Mitteldeutsche Zeitung, 01.07.2010
Organisierte Kriminalität
Internet-Kommunikation macht Polizei zu schaffen
Berlin/dpa. Die organisierte Kriminalität in Deutschland stellt die Ermittler zunehmend vor große Herausforderungen. Wegen des Internets und anderer neuer Techniken werde die Beweisführung schwieriger, sagte der Chef des Bundeskriminalamtes (BKA), Jörg Ziercke, am Donnerstag in Berlin. Bundesinnenminister Thomas de Maizière (CDU) sagte, die Täter seien oft international vernetzt. Die Ermittlungen seien umfangreich. «Die Bedrohung durch organisierte Kriminalität in Deutschland ist weiterhin hoch», sagte er.
Ziercke erklärte, die Telefonüberwachung spiele für die Ermittler eine große Rolle. Wenn die Telefonate jedoch mehr und mehr – verschlüsselt – über das Internet geführt würden, stünden die Beamten vor erheblichen Beweisproblemen. Zudem erschwerten neue elektronische Zahlungssysteme im Internet die Bekämpfung der Geldwäsche. Ziercke und de Maizière bekräftigten ihre Forderung, schnell ein neues Gesetz zur Vorratsdatenspeicherung zu erlassen.
Die Ermittler bräuchten die Möglichkeit, die Kommunikationswege der Täter aufzuklären, bekräftigte de Maizière. Anfang März hatte das Bundesverfassungsgericht in Karlsruhe die bisherige gesetzliche Regelung gekippt. Damit können Telefon- und Internetdaten nicht mehr ohne Anlass für sechs Monate gespeichert werden. Das neue Gesetz müsste aus dem Haus von Justizministerin Sabine Leutheusser-Schnarrenberger (FDP) kommen, die jedoch keine Eile sieht.

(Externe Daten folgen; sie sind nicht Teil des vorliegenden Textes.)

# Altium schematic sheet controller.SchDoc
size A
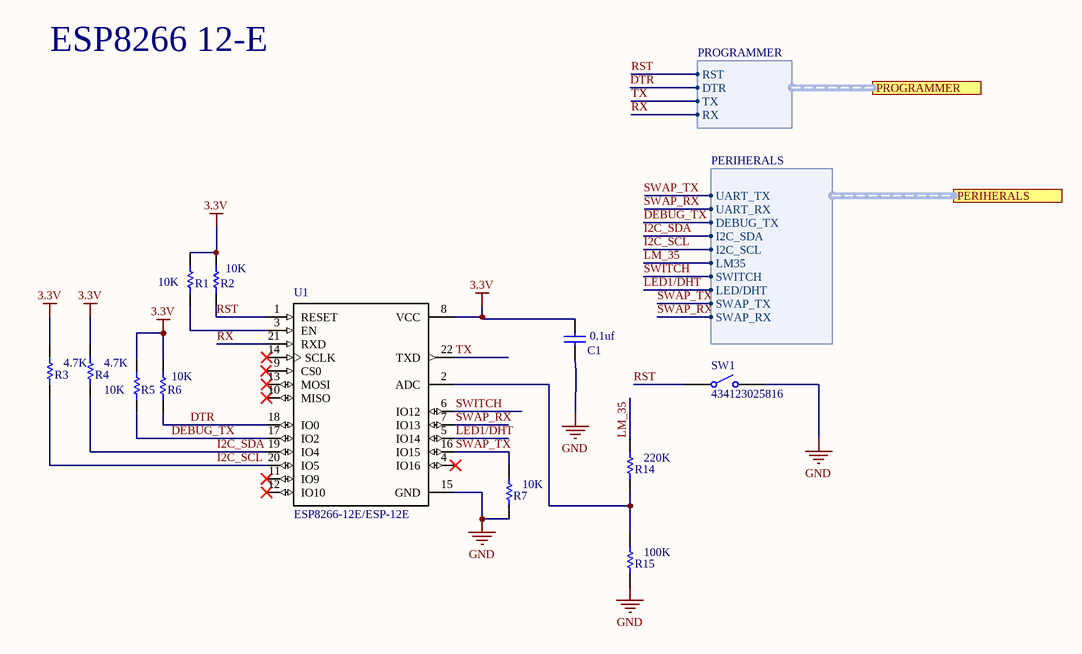
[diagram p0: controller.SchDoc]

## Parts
C1  0.1uf  [CAPC0603]
R1  10K  [RESC0603]
R2  10K  [RESC0603]
R3  4.7K  [RESC0603]
R4  4.7K  [RESC0603]
R5  10K  [RESC0603]
R6  10K  [RESC0603]
R7  10K  [RESC0603]
R14  220K  [RESC0603]
R15  100K  [RESC0603]
SW1  434123025816  [434123025816]
U1  ESP8266-12E/ESP-12E  [*XCVR_ESP8266-12E/ESP-12E]

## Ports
PERIHERALS (harness PERIHERALS), PROGRAMMER (harness PROGRAMMER)

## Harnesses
PROGRAMMER: RST, DTR, TX, RX
PERIHERALS: UART_TX, UART_RX, DEBUG_TX, I2C_SDA, I2C_SCL, LM35, SWITCH, LED/DHT, SWAP_TX, SWAP_RX

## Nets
3.3V: C1.1 R1.2 R2.2 R3.2 R4.2 R5.2 R6.2 U1.8(VCC)
GND: C1.2 R7.1 R15.1 SW1.2 U1.15(GND)
DEBUG_TX: R5.1 U1.17(IO2) ; port PERIHERALS.DEBUG_TX
DTR: R6.1 U1.18(IO0) ; port PROGRAMMER.DTR
I2C_SCL: R3.1 U1.20(IO5) ; port PERIHERALS.I2C_SCL
I2C_SDA: R4.1 U1.19(IO4) ; port PERIHERALS.I2C_SDA
LED1/DHT: U1.5(IO14) ; port PERIHERALS.LED/DHT
LM_35: R14.2 ; port PERIHERALS.LM35
RST: R2.1 SW1.1 U1.1(RESET) ; port PROGRAMMER.RST
RX: U1.21(RXD) ; port PROGRAMMER.RX
SWAP_RX: U1.7(IO13) ; port PERIHERALS.SWAP_RX
SWAP_TX: R7.2 U1.16(IO15) ; port PERIHERALS.SWAP_TX
SWITCH: U1.6(IO12) ; port PERIHERALS.SWITCH
TX: U1.22(TXD) ; port PROGRAMMER.TX
NetR1_1: R1.1 U1.3(EN)
NetR14_1: R14.1 R15.2 U1.2(ADC)

Not connected (* = marked no-connect by the designer): U1 4(IO16)* 9(CS0) 10(MISO)* 11(IO9)* 12(IO10)* 13(MOSI)* 14(SCLK)*

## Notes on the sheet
- ESP8266 12-E
- Labels drawn without touching a wire or pin: SWAP_RX, SWAP_TX

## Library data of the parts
C1 = CMP-2007-04765-1: Part Number: 08055C104KAJ2A; Manufacturer: AVX Interconnect / Elco
R1-R7 R14 R15 = CMP-1013-00215-1: 2R55 0.125W 1% 0805 (2012 Metric)  SMD; Case-Metric: 2012; Value: 2.55 Ohm; Case-EIA: 0805
SW1 = CMP-1460-00004-1: WS-TASV J-Bend SMD Tact Switch 6.0X3.8 mm; Manufacturer: Wuerth Elektronik; NoPins: 02
U1 = ESP8266-12E/ESP-12E: This WiFi module has a 32-bit MCU micro and clock speeds supporting 80 MHz or 160 MHz. Supports the RTOS and integrated Wi-Fi MAC/BB/RF/PA/LNA, and has an on-board antenna.; MF: AI-Thinker

Der Chef der Deutschen Polizeigewerkschaft (DPolG), Rainer Wendt, forderte Leutheusser-Schnarrenberger ebenfalls auf, zügig eine neue gesetzliche Regelung auf den Weg zu bringen. Die innenpolitische Sprecherin der FDP-Bundestagsfraktion, Gisela Piltz, entgegnete, es werde nicht einfach einen neuen Aufguss des alten Gesetzes geben. «Vielmehr muss schwerste Kriminalität mit verhältnismäßigen Mitteln zielgenau bekämpft werden, ohne alle Menschen unter Generalverdacht zu stellen», sagte sie laut Mitteilung in Berlin.
In Deutschland wurden im vergangenen Jahr 579 Ermittlungsverfahren zur organisierten Kriminalität geführt – das waren vier mehr als 2008. De Maizière wertete dies positiv: «Wir rechnen damit, dass mehr Ermittlungsverfahren mehr Aufklärung bedeutet.» Zugleich sank aber die Zahl der Tatverdächtigen – und zwar auf 9294. Damit wurde der niedrigste Stand seit 2000 erreicht. Die Kriminellen richteten im Jahr 2009 einen Schaden von mehr als 1,3 Milliarden Euro an.
Dabei machten sie reichlich Kasse: Die Gewinne der Täter stiegen im Vergleich zum Vorjahr um fast 40 Prozent auf etwa 903 Millionen Euro. Ziercke sagte, die Strukturen der organisierten Kriminalität könnten nur wirksam bekämpft werden, wenn den Gruppen dauerhaft der Gewinn entzogen werde. De Maizière räumte ein, dass man nur schwer an die Hintermänner der kriminellen Machenschaften komme. Die Gewinne würden oft sofort ins Ausland transferiert. Die Möglichkeiten der Ermittler sollen laut de Maizière verbessert werden. Die zuständige EU-Kommissarin wolle dazu im Herbst einen Bericht vorlegen.
Bei der organisierten Kriminalität in Deutschland geht es vor allem um Rauschgift- und Eigentumsdelikte, hier wiederum vor allem um Autodiebstähle. Nach Zierckes Angaben steigt die Zahl der Wagen, die dauerhaft verschwunden bleiben. Die Täter schlachteten die gestohlenen Autos nicht mehr in Deutschland aus, sondern brächten sie sofort ins Ausland. Dabei gebe es einen «anhaltend hohen Bedarf» in Süd- und Osteuropa sowie im Nahen und Mittleren Osten.